Both fixtures have the same name calc and the same execution-level. The definition-scope doesn’t affect the execution order of the fixtures as long as they aren’t referenced by each other. In that case, Balder can run them in any sequence it chooses. However, things change when you do reference these fixtures. If you have two fixtures with the same execution-level and the same name but different definition-scopes, Balder selects the appropriate one based on their definition-scopes.

For example, if you reference the calc fixture from another fixture in the balderglob.py file, Balder will use the one with the broadest scope (the global one, in this case):

# file `balderglob.py`

import balder

@balder.fixture(scope="testcase")
def calc():
    yield 3 * 1

@balder.fixture(scope="testcase")
def print_my_thing(calc):
    print("print_my_thing from balderglob.py: calculation is {}".format(calc))

This will print the following output:

print_my_thing from balderglob.py: calculation is 3

But which fixture will be used if we reference calc from a fixture in our setup class (assuming it matches with our ScenarioMy)?

# file `setups/setup_main.py`

import balder

class SetupMain(balder.Setup):

    ...

    @balder.fixture(scope="testcase")
    def print_it(self, calc):
        print("print_it from setup: calculation is {}".format(calc))

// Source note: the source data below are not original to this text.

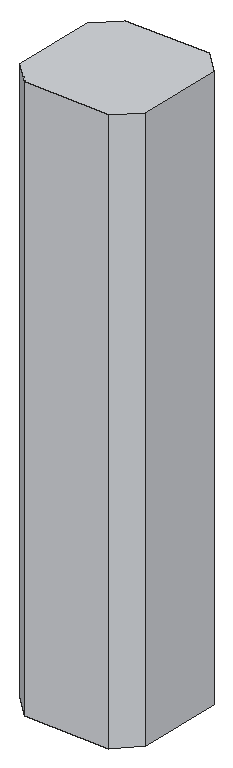
Revit family "5abd313ca3195bb7c46b99cf50d73354a2686976_new", category Columns, Revit 2018
Family settings
  OmniClass Number = 23.25.30.11.14.11
  OmniClass Title = Columns
  Cut with Voids When Loaded = No
  Automatically joins geometry to walls = Yes
  Shared = No
  Show family pre-cut in plan views = Yes
Parameters (values of type "24" x 24"")
  Wire Diameter - Electrical = 0.000000"
  Weight per Unit Length - Structural = 0.00 lbf/ft
  Weight - Structural = 0.00 lbf
  Wattage - Electrical = 0 W
  Warping Constant - Structural = 0
  Velocity - Structural = 0
  Unit Weight - Structural = 0 N/m³
  Thermal Expansion Coefficient - Structural = 0
  Temperature Difference - Electrical = 0
  Temperature - Electrical = -1287.076 °F
  Surface Area per Unit Length - Structural = 0
  Stress - Structural = 0
  Section Property - Structural = 0.000"
  Section Modulus - Structural = 0
  Section Dimension - Structural = 0' - 0"
  Rotational Point Spring Coefficient - Structural = 0
  Rotational Line Spring Coefficient - Structural = 0
  Rotation - Structural = 0
  Reinforcement Volume - Structural = 0
  Reinforcement Spacing - Structural = 0' - 0"
  Reinforcement Length - Structural = 0' - 0"
  Reinforcement Cover - Structural = 0' - 0"
  Reinforcement Area per Unit Length = 0
  Reinforcement Area - Structural = 0.00 in²
  Pulsation - Structural = 0
  Power Density - Electrical = 0
  Power - Electrical = 0 W
  Point Spring Coefficient - Structural = 0
  Period - Structural = 0.0 s
  Number of Poles - Electrical = 1
  Moment of Inertia - Structural = 0
  Moment - Structural = 0 N·m
  Mass per Unit Length - Structural = 0
  Mass per Unit Area - Structural = 0
  Mass - Structural = 0.00 lbm
  Luminous Intensity - Electrical = 0 cd
  Luminous Flux - Electrical = 0 lm
  Luminance - Electrical = 0 cd/m²
  Load Classification = none
  Linear Moment - Structural = 0
  Linear Force - Structural = 0 N/m
  Line Spring Coefficient - Structural = 0.0 ksf
  Illuminance - Electrical = 0 lx
  Frequency - Structural = 0.0 Hz
  Frequency - Electrical = 0 Hz
  Force -  Structural = 0.00 kip
  Electrical Resistivity - Electrical = 0
  Electrical Potential - Electrical = 0 V
  Efficacy - Electrical = 0 lm/W
  Displacement/Deflection - Structural = 0.00"
  Demand Factor - Electrical = 0.00%
  Current - Electrical = 0 A
  Crack Width - Structural = 0.00"
  Conduit Size - Electrical = 0"
  Color Temperature - Electrical = 0 K
  Cable Tray Size - Electrical = 0"
  Bar Diameter - Structural = 0' - 0"
  Assembly Code = "B1010200"
  Chamfer = 0' - 4"
  Depth = 2' - 0"
  Material = none
  Offset Base = 0' - 0"
  Offset Top = 0' - 0"
  Width = 2' - 0"
  Area Spring Coefficient - Structural = 0
  Area Force - Structural = 0.0000 ksf
  Apparent Power - Electrical = 0 VA
  Acceleration - Structural = 0
Types (3): name | Wire Diameter - Electrical | Weight per Unit Length - Structural | Weight - Structural | Wattage - Electrical | Warping Constant - Structural | Velocity - Structural | Unit Weight - Structural | Thermal Expansion Coefficient - Structural | Temperature Difference - Electrical | Temperature - Electrical | Surface Area per Unit Length - Structural | Stress - Structural | Section Property - Structural | Section Modulus - Structural | Section Dimension - Structural | Rotational Point Spring Coefficient - Structural | Rotational Line Spring Coefficient - Structural | Rotation - Structural | Reinforcement Volume - Structural | Reinforcement Spacing - Structural | Reinforcement Length - Structural | Reinforcement Cover - Structural | Reinforcement Area per Unit Length | Reinforcement Area - Structural | Pulsation - Structural | Power Density - Electrical | Power - Electrical | Point Spring Coefficient - Structural | Period - Structural | Moment of Inertia - Structural | Moment - Structural | Mass per Unit Length - Structural | Mass per Unit Area - Structural | Mass - Structural | Luminous Intensity - Electrical | Luminous Flux - Electrical | Luminance - Electrical | Load Classification | Linear Moment - Structural | Linear Force - Structural | Line Spring Coefficient - Structural | Illuminance - Electrical | Frequency - Structural | Frequency - Electrical | Force -  Structural | Electrical Resistivity - Electrical | Electrical Potential - Electrical | Efficacy - Electrical | Displacement/Deflection - Structural | Demand Factor - Electrical | Current - Electrical | Crack Width - Structural | Conduit Size - Electrical | Color Temperature - Electrical | Cable Tray Size - Electrical | Bar Diameter - Structural | Chamfer | Depth | Offset Base | Offset Top | Width | Area Spring Coefficient - Structural | Area Force - Structural | Apparent Power - Electrical | Acceleration - Structural
  24" x 24" | 0.000000" | 0.00 lbf/ft | 0.00 lbf | 0 W | 0 | 0 | 0 N/m³ | 0 | 0 | -1287.076 °F | 0 | 0 | 0.000" | 0 | 0' - 0" | 0 | 0 | 0 | 0 | 0' - 0" | 0' - 0" | 0' - 0" | 0 | 0.00 in² | 0 | 0 | 0 W | 0 | 0.0 s | 0 | 0 N·m | 0 | 0 | 0.00 lbm | 0 cd | 0 lm | 0 cd/m² | none | 0 | 0 N/m | 0.0 ksf | 0 lx | 0.0 Hz | 0 Hz | 0.00 kip | 0 | 0 V | 0 lm/W | 0.00" | 0.00% | 0 A | 0.00" | 0" | 0 K | 0" | 0' - 0" | 0' - 4" | 2' - 0" | 0' - 0" | 0' - 0" | 2' - 0" | 0 | 0.0000 ksf | 0 VA | 0
  18" x 24" | 0.000000" | 0.00 lbf/ft | 0.00 lbf | 0 W | 0 | 0 | 0 N/m³ | 0 | 0 | -1287.076 °F | 0 | 0 | 0.000" | 0 | 0' - 0" | 0 | 0 | 0 | 0 | 0' - 0" | 0' - 0" | 0' - 0" | 0 | 0.00 in² | 0 | 0 | 0 W | 0 | 0.0 s | 0 | 0 N·m | 0 | 0 | 0.00 lbm | 0 cd | 0 lm | 0 cd/m² | none | 0 | 0 N/m | 0.0 ksf | 0 lx | 0.0 Hz | 0 Hz | 0.00 kip | 0 | 0 V | 0 lm/W | 0.00" | 0.00% | 0 A | 0.00" | 0" | 0 K | 0" | 0' - 0" | 0' - 2" | 1' - 6" | 0' - 0" | 0' - 0" | 2' - 0" | 0 | 0.0000 ksf | 0 VA | 0
  18" x 18" | 12.000000" | 0.0685218 lbf/ft | 0.0685218 lbf | 0.092903 W | 2985984.00 in6 | 1.0 ft/s | 10.764 N/m³ | 0.55556 1/°F | 2 °F | -457.87 °F | 1.00 ft²/ft | 0.00 ksi | 12.000" | 1728.00 in³ | 1' - 0" | 0.0 kip-ft/° | 0.0 kip-ft/°/ft | 1.000 rad | 1728.00 in³ | 1' - 0" | 1' - 0" | 1' - 0" | 144.00 in²/ft | 144.00 in² | 1.0 rad/s | 0.09 W/ft² | 0.092903 W | 0.0 kip/in | 1.0 s | 20736.00 in4 | 0.092903 N·m | 2.20 lb/ft | 2.20 lb/ft² | 2.20462 lbm | 1 cd | 1 lm | 10.7639 cd/m² | Lighting | 0.00 kip-ft/ft | 1 N/m | 0.000068522 ksf | 10.7639 lx | 1.0 Hz | 1 Hz | 0.000068522 kip | 0.0283 ohm·m | 0.092903 V | 10.7639 lm/W | 12.00" | 100.00% | 1 A | 12.00" | 12" | 1 K | 12" | 1' - 0" | 0' - 6" | 2' - 2" | 0' - 6" | 0' - 6" | 2' - 2" | 1.0 kip/ft³ | 0.000068522 ksf | 0.092903 VA | 1.0 ft/s²
Reference planes (in)
  plane 1: y = 0
  plane 2: z = 0
  plane 3: x = 0
  plane 4: z = 108
  plane 5: z = 0
  plane 6: y = 12
  plane 7: y = -12
  plane 8: x = -12
  plane 9: x = 12
Forms (in)
  Extrusion 1, solid, material <- "Material"
    sketch origin (0, 0, 0) x (1, 0, 0) y (0, 1, 0)
      loop
        line (-12, 8) -> (-12, -8) -> (-8, -12) -> (8, -12) -> (12, -8) -> (12, 8) -> (8, 12) -> (-8, 12) -> (-12, 8)
    from 0 to 108
Dimensions and locks (in)
  "Offset Base": plane 5 to plane 2
  "Offset Top": level to plane 4
  "Width": plane 8 to plane 9
  equal spacing: plane 8, plane 3, plane 9
  "Depth": plane 7 to plane 6
  equal spacing: plane 7, plane 1, plane 6
  "Chamfer": plane 8 to Extrusion 1 sketch curve  (x2)
  "Chamfer": Extrusion 1 sketch curve to plane 6  (x2)
  "Chamfer": plane 7 to Extrusion 1 sketch curve  (x2)
  "Chamfer": Extrusion 1 sketch curve to plane 9  (x2)
  aligned and locked: plane 4 to Extrusion 1
  aligned and locked: Extrusion 1 to plane 5
  aligned and locked: level to plane 2
Automatic sketch dimensions
  Extrusion 1 sketch curve to plane 8 = 0' - 0"
  Extrusion 1 sketch curve to plane 6 = 0' - 0"
  Extrusion 1 sketch curve to plane 7 = 0' - 0"
  Extrusion 1 sketch curve to plane 9 = 0' - 0"

Balder will first search for a fixture named calc within the SetupMain class itself. If none exists there, it moves upward through the definition-scope hierarchy until it finds one. In our example, this means it would use the calc fixture from the balderglob.py file here as well.

print_it from setup: calculation is 3

The behavior changes if you reference calc from another fixture within our ScenarioMy class:

# file `scenarios/scenario_my.py`

import balder

class ScenarioFromBalderhub(balder.Scenario):

    ...

    @balder.fixture(scope="testcase")
    def calc(self):
        yield 3 * 5

    def print_my_calc(self, calc):
        print("print_it from scenario: calculation is {}".format(calc))

Similar to the process described above, Balder first searches in the scenario’s definition-scope, then in the matched setup’s definition-scope (only the currently active one), and finally in the global scope (the balderglob.py file) for the referenced fixture. In this case, the closest fixture with the matching name is found in the same definition scope - the ScenarioMy class itself.

This produces the following output:

print_it from scenario: calculation is 15

Special case: Unclear-Setup-Scoped-Fixture-Reference problematic

There’s one specific case you should be aware of: attempting to reference a session-level fixture with a definition scope of SETUP from a session-level fixture with a definition scope of SCENARIO. In this situation, it’s unclear which setup Balder should use, since no setup is active yet (we’re still at the SESSION level).

This should be avoided. Balder will throw an UnclearSetupScopedFixtureReference exception in such cases!

Note

Note that you can freely define fixtures at any of these execution levels, but you need to be careful, when you are trying to reference the levels themselves.